──────── RECORDS FOR THE EXERCISE

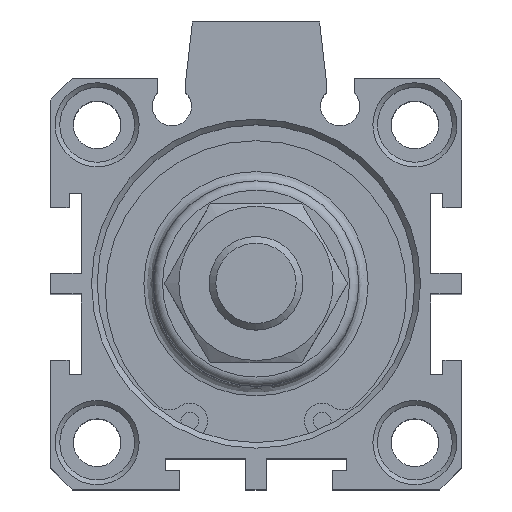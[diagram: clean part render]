
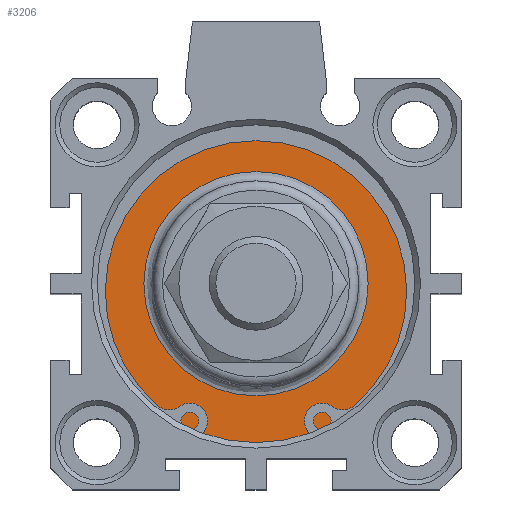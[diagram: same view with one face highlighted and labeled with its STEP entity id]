
A CAD part, top view. The second image highlights one B-rep face of the part: STEP entity #3206.
In plain terms, the highlighted planar face has unit normal (0, 0, 1).
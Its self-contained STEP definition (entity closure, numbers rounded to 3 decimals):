
#3155=CARTESIAN_POINT('',(2.273,12.598,40.8));
#3156=VERTEX_POINT('',#3155);
#3157=CARTESIAN_POINT('',(2.273,0.598,40.8));
#3158=DIRECTION('',(0.0,0.0,1.0));
#3159=DIRECTION('',(0.0,-1.0,0.0));
#3160=AXIS2_PLACEMENT_3D('',#3157,#3158,#3159);
#3161=CIRCLE('',#3160,12.0);
#3162=EDGE_CURVE('',#3156,#3156,#3161,.T.);
#3187=CARTESIAN_POINT('',(2.273,14.598,40.8));
#3188=DIRECTION('',(0.0,0.0,1.0));
#3189=DIRECTION('',(1.0,0.0,0.0));
#3190=AXIS2_PLACEMENT_3D('',#3187,#3188,#3189);
#3191=PLANE('',#3190);
#3192=CARTESIAN_POINT('',(2.273,17.598,40.8));
#3193=VERTEX_POINT('',#3192);
#3194=CARTESIAN_POINT('',(2.273,0.598,40.8));
#3195=DIRECTION('',(0.0,0.0,-1.0));
#3196=DIRECTION('',(0.0,1.0,0.0));
#3197=AXIS2_PLACEMENT_3D('',#3194,#3195,#3196);
#3198=CIRCLE('',#3197,17.);
#3199=EDGE_CURVE('',#3193,#3193,#3198,.T.);
#3200=ORIENTED_EDGE('',*,*,#3199,.F.);
#3201=EDGE_LOOP('',(#3200));
#3202=FACE_OUTER_BOUND('',#3201,.T.);
#3203=ORIENTED_EDGE('',*,*,#3162,.F.);
#3204=EDGE_LOOP('',(#3203));
#3205=FACE_BOUND('',#3204,.T.);
#3206=ADVANCED_FACE('',(#3202,#3205),#3191,.T.);
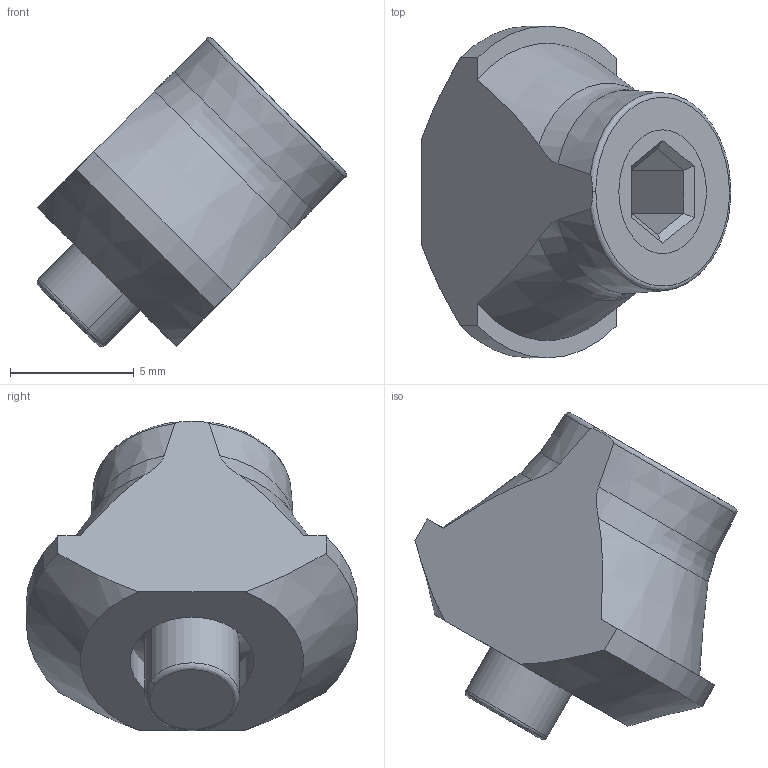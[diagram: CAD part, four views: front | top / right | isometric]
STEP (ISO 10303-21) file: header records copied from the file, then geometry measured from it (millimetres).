
FILE_DESCRIPTION (( 'STEP AP203' ), '1' );
FILE_NAME ('10380_POTE.STEP', '2018-05-04T08:59:25', ( '' ), ( '' ), 'SwSTEP 2.0', 'SolidWorks 2017', '' );
FILE_SCHEMA (( 'CONFIG_CONTROL_DESIGN' ));
Length unit declared in the file: millimetre
Products named in the file (3): fath_093090_2; 10380_POTE; fath_093090_1
Assembly tree (2 placements, depth 2):
  10380_POTE
    fath_093090_1
    fath_093090_2
Bounding box: 12.5 x 13.4 x 12.5 mm (x, y, z)
Volume: 748.2 mm3; surface area: 837.9 mm2
Topology: 2 solids, 2 shells, 45 faces, 110 edges, 70 vertices
Faces by surface type: plane 21, cone 10, cylinder 8, bspline 6
Entity records: 1901 total; most frequent: CARTESIAN_POINT 576, ORIENTED_EDGE 220, DIRECTION 210, EDGE_CURVE 110, AXIS2_PLACEMENT_3D 80, VERTEX_POINT 70, LINE 50, VECTOR 50
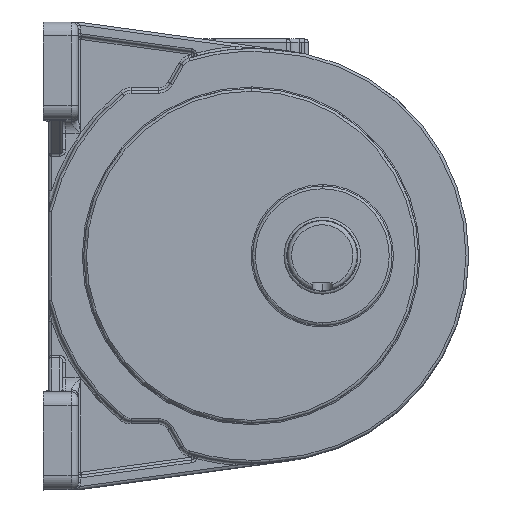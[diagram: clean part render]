
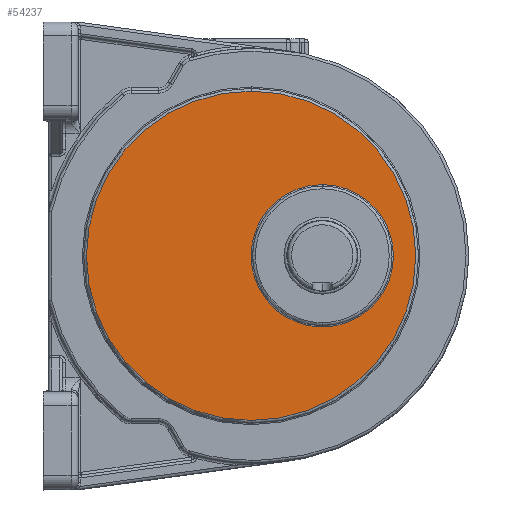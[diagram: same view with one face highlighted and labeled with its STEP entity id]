
A CAD part, top view. The second image highlights one B-rep face of the part: STEP entity #54237.
In plain terms, the highlighted planar face has unit normal (0, 0, 1).
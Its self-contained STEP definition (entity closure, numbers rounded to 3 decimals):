
#54153=CARTESIAN_POINT('',(6230.36,-1614.222,309.896));
#54154=VERTEX_POINT('',#54153);
#54164=CARTESIAN_POINT('',(6230.317,-1512.222,309.896));
#54165=VERTEX_POINT('',#54164);
#54173=CARTESIAN_POINT('',(6229.576,-1614.216,309.896));
#54174=VERTEX_POINT('',#54173);
#54175=CARTESIAN_POINT('',(6230.338,-1563.222,309.896));
#54176=DIRECTION('',(0.,0.,1.));
#54177=DIRECTION('',(0.,1.,0.));
#54178=AXIS2_PLACEMENT_3D('',#54175,#54176,#54177);
#54179=CIRCLE('',#54178,51.);
#54180=EDGE_CURVE('',#54165,#54174,#54179,.T.);
#54182=CARTESIAN_POINT('',(6230.338,-1563.222,309.896));
#54183=DIRECTION('',(0.,0.,-1.));
#54184=DIRECTION('',(0.,-1.,0.));
#54185=AXIS2_PLACEMENT_3D('',#54182,#54183,#54184);
#54186=CIRCLE('',#54185,51.);
#54187=EDGE_CURVE('',#54154,#54174,#54186,.T.);
#54192=CARTESIAN_POINT('',(6179.338,-1563.222,309.896));
#54193=DIRECTION('',(0.,0.,1.));
#54194=DIRECTION('',(0.,-1.,0.));
#54195=AXIS2_PLACEMENT_3D('',#54192,#54193,#54194);
#54196=PLANE('',#54195);
#54197=CARTESIAN_POINT('',(6179.338,-1445.222,309.896));
#54198=VERTEX_POINT('',#54197);
#54199=CARTESIAN_POINT('',(6179.338,-1681.222,309.896));
#54200=VERTEX_POINT('',#54199);
#54201=CARTESIAN_POINT('',(6179.338,-1563.222,309.896));
#54202=DIRECTION('',(0.,0.,-1.));
#54203=DIRECTION('',(0.,1.,0.));
#54204=AXIS2_PLACEMENT_3D('',#54201,#54202,#54203);
#54205=CIRCLE('',#54204,118.);
#54206=EDGE_CURVE('',#54198,#54200,#54205,.T.);
#54207=ORIENTED_EDGE('',*,*,#54206,.F.);
#54208=CARTESIAN_POINT('',(6179.338,-1563.222,309.896));
#54209=DIRECTION('',(0.,0.,-1.));
#54210=DIRECTION('',(0.,-1.,0.));
#54211=AXIS2_PLACEMENT_3D('',#54208,#54209,#54210);
#54212=CIRCLE('',#54211,118.);
#54213=EDGE_CURVE('',#54200,#54198,#54212,.T.);
#54214=ORIENTED_EDGE('',*,*,#54213,.F.);
#54215=EDGE_LOOP('',(#54207,#54214));
#54216=FACE_BOUND('',#54215,.T.);
#54217=ORIENTED_EDGE('',*,*,#54187,.T.);
#54218=ORIENTED_EDGE('',*,*,#54180,.F.);
#54219=CARTESIAN_POINT('',(6231.101,-1512.228,309.896));
#54220=VERTEX_POINT('',#54219);
#54221=CARTESIAN_POINT('',(6230.338,-1563.222,309.896));
#54222=DIRECTION('',(0.,0.,-1.));
#54223=DIRECTION('',(0.,1.,0.));
#54224=AXIS2_PLACEMENT_3D('',#54221,#54222,#54223);
#54225=CIRCLE('',#54224,51.);
#54226=EDGE_CURVE('',#54165,#54220,#54225,.T.);
#54227=ORIENTED_EDGE('',*,*,#54226,.T.);
#54228=CARTESIAN_POINT('',(6230.338,-1563.222,309.896));
#54229=DIRECTION('',(0.,0.,1.));
#54230=DIRECTION('',(0.,-1.,0.));
#54231=AXIS2_PLACEMENT_3D('',#54228,#54229,#54230);
#54232=CIRCLE('',#54231,51.);
#54233=EDGE_CURVE('',#54154,#54220,#54232,.T.);
#54234=ORIENTED_EDGE('',*,*,#54233,.F.);
#54235=EDGE_LOOP('',(#54217,#54218,#54227,#54234));
#54236=FACE_BOUND('',#54235,.T.);
#54237=ADVANCED_FACE('',(#54216,#54236),#54196,.T.);

────────────────

With the images excluded, reproduce the data above precisely as written.

- _RESPONSE BELOW_
[diagram: clean part render]
[diagram: same view with one face highlighted and labeled with its STEP entity id]
A CAD part, top view. The second image highlights one B-rep face of the part: STEP entity #3206.
In plain terms, the highlighted planar face has unit normal (0, 0, 1).
Its self-contained STEP definition (entity closure, numbers rounded to 3 decimals):
#3155=CARTESIAN_POINT('',(2.273,12.598,40.8));
#3156=VERTEX_POINT('',#3155);
#3157=CARTESIAN_POINT('',(2.273,0.598,40.8));
#3158=DIRECTION('',(0.0,0.0,1.0));
#3159=DIRECTION('',(0.0,-1.0,0.0));
#3160=AXIS2_PLACEMENT_3D('',#3157,#3158,#3159);
#3161=CIRCLE('',#3160,12.0);
#3162=EDGE_CURVE('',#3156,#3156,#3161,.T.);
#3187=CARTESIAN_POINT('',(2.273,14.598,40.8));
#3188=DIRECTION('',(0.0,0.0,1.0));
#3189=DIRECTION('',(1.0,0.0,0.0));
#3190=AXIS2_PLACEMENT_3D('',#3187,#3188,#3189);
#3191=PLANE('',#3190);
#3192=CARTESIAN_POINT('',(2.273,17.598,40.8));
#3193=VERTEX_POINT('',#3192);
#3194=CARTESIAN_POINT('',(2.273,0.598,40.8));
#3195=DIRECTION('',(0.0,0.0,-1.0));
#3196=DIRECTION('',(0.0,1.0,0.0));
#3197=AXIS2_PLACEMENT_3D('',#3194,#3195,#3196);
#3198=CIRCLE('',#3197,17.);
#3199=EDGE_CURVE('',#3193,#3193,#3198,.T.);
#3200=ORIENTED_EDGE('',*,*,#3199,.F.);
#3201=EDGE_LOOP('',(#3200));
#3202=FACE_OUTER_BOUND('',#3201,.T.);
#3203=ORIENTED_EDGE('',*,*,#3162,.F.);
#3204=EDGE_LOOP('',(#3203));
#3205=FACE_BOUND('',#3204,.T.);
#3206=ADVANCED_FACE('',(#3202,#3205),#3191,.T.);
[diagram: CAD part, four views: front | top / right | isometric]
STEP (ISO 10303-21) file: header records copied from the file, then geometry measured from it (millimetres).
FILE_DESCRIPTION (( 'STEP AP203' ), '1' );
FILE_NAME ('10380_POTE.STEP', '2018-05-04T08:59:25', ( '' ), ( '' ), 'SwSTEP 2.0', 'SolidWorks 2017', '' );
FILE_SCHEMA (( 'CONFIG_CONTROL_DESIGN' ));
Length unit declared in the file: millimetre
Products named in the file (3): fath_093090_2; 10380_POTE; fath_093090_1
Assembly tree (2 placements, depth 2):
  10380_POTE
    fath_093090_1
    fath_093090_2
Bounding box: 12.5 x 13.4 x 12.5 mm (x, y, z)
Volume: 748.2 mm3; surface area: 837.9 mm2
Topology: 2 solids, 2 shells, 45 faces, 110 edges, 70 vertices
Faces by surface type: plane 21, cone 10, cylinder 8, bspline 6
Entity records: 1901 total; most frequent: CARTESIAN_POINT 576, ORIENTED_EDGE 220, DIRECTION 210, EDGE_CURVE 110, AXIS2_PLACEMENT_3D 80, VERTEX_POINT 70, LINE 50, VECTOR 50
[diagram: clean part render]
[diagram: same view with one face highlighted and labeled with its STEP entity id]
A CAD part, top view. The second image highlights one B-rep face of the part: STEP entity #54237.
In plain terms, the highlighted planar face has unit normal (0, 0, 1).
Its self-contained STEP definition (entity closure, numbers rounded to 3 decimals):
#54153=CARTESIAN_POINT('',(6230.36,-1614.222,309.896));
#54154=VERTEX_POINT('',#54153);
#54164=CARTESIAN_POINT('',(6230.317,-1512.222,309.896));
#54165=VERTEX_POINT('',#54164);
#54173=CARTESIAN_POINT('',(6229.576,-1614.216,309.896));
#54174=VERTEX_POINT('',#54173);
#54175=CARTESIAN_POINT('',(6230.338,-1563.222,309.896));
#54176=DIRECTION('',(0.,0.,1.));
#54177=DIRECTION('',(0.,1.,0.));
#54178=AXIS2_PLACEMENT_3D('',#54175,#54176,#54177);
#54179=CIRCLE('',#54178,51.);
#54180=EDGE_CURVE('',#54165,#54174,#54179,.T.);
#54182=CARTESIAN_POINT('',(6230.338,-1563.222,309.896));
#54183=DIRECTION('',(0.,0.,-1.));
#54184=DIRECTION('',(0.,-1.,0.));
#54185=AXIS2_PLACEMENT_3D('',#54182,#54183,#54184);
#54186=CIRCLE('',#54185,51.);
#54187=EDGE_CURVE('',#54154,#54174,#54186,.T.);
#54192=CARTESIAN_POINT('',(6179.338,-1563.222,309.896));
#54193=DIRECTION('',(0.,0.,1.));
#54194=DIRECTION('',(0.,-1.,0.));
#54195=AXIS2_PLACEMENT_3D('',#54192,#54193,#54194);
#54196=PLANE('',#54195);
#54197=CARTESIAN_POINT('',(6179.338,-1445.222,309.896));
#54198=VERTEX_POINT('',#54197);
#54199=CARTESIAN_POINT('',(6179.338,-1681.222,309.896));
#54200=VERTEX_POINT('',#54199);
#54201=CARTESIAN_POINT('',(6179.338,-1563.222,309.896));
#54202=DIRECTION('',(0.,0.,-1.));
#54203=DIRECTION('',(0.,1.,0.));
#54204=AXIS2_PLACEMENT_3D('',#54201,#54202,#54203);
#54205=CIRCLE('',#54204,118.);
#54206=EDGE_CURVE('',#54198,#54200,#54205,.T.);
#54207=ORIENTED_EDGE('',*,*,#54206,.F.);
#54208=CARTESIAN_POINT('',(6179.338,-1563.222,309.896));
#54209=DIRECTION('',(0.,0.,-1.));
#54210=DIRECTION('',(0.,-1.,0.));
#54211=AXIS2_PLACEMENT_3D('',#54208,#54209,#54210);
#54212=CIRCLE('',#54211,118.);
#54213=EDGE_CURVE('',#54200,#54198,#54212,.T.);
#54214=ORIENTED_EDGE('',*,*,#54213,.F.);
#54215=EDGE_LOOP('',(#54207,#54214));
#54216=FACE_BOUND('',#54215,.T.);
#54217=ORIENTED_EDGE('',*,*,#54187,.T.);
#54218=ORIENTED_EDGE('',*,*,#54180,.F.);
#54219=CARTESIAN_POINT('',(6231.101,-1512.228,309.896));
#54220=VERTEX_POINT('',#54219);
#54221=CARTESIAN_POINT('',(6230.338,-1563.222,309.896));
#54222=DIRECTION('',(0.,0.,-1.));
#54223=DIRECTION('',(0.,1.,0.));
#54224=AXIS2_PLACEMENT_3D('',#54221,#54222,#54223);
#54225=CIRCLE('',#54224,51.);
#54226=EDGE_CURVE('',#54165,#54220,#54225,.T.);
#54227=ORIENTED_EDGE('',*,*,#54226,.T.);
#54228=CARTESIAN_POINT('',(6230.338,-1563.222,309.896));
#54229=DIRECTION('',(0.,0.,1.));
#54230=DIRECTION('',(0.,-1.,0.));
#54231=AXIS2_PLACEMENT_3D('',#54228,#54229,#54230);
#54232=CIRCLE('',#54231,51.);
#54233=EDGE_CURVE('',#54154,#54220,#54232,.T.);
#54234=ORIENTED_EDGE('',*,*,#54233,.F.);
#54235=EDGE_LOOP('',(#54217,#54218,#54227,#54234));
#54236=FACE_BOUND('',#54235,.T.);
#54237=ADVANCED_FACE('',(#54216,#54236),#54196,.T.);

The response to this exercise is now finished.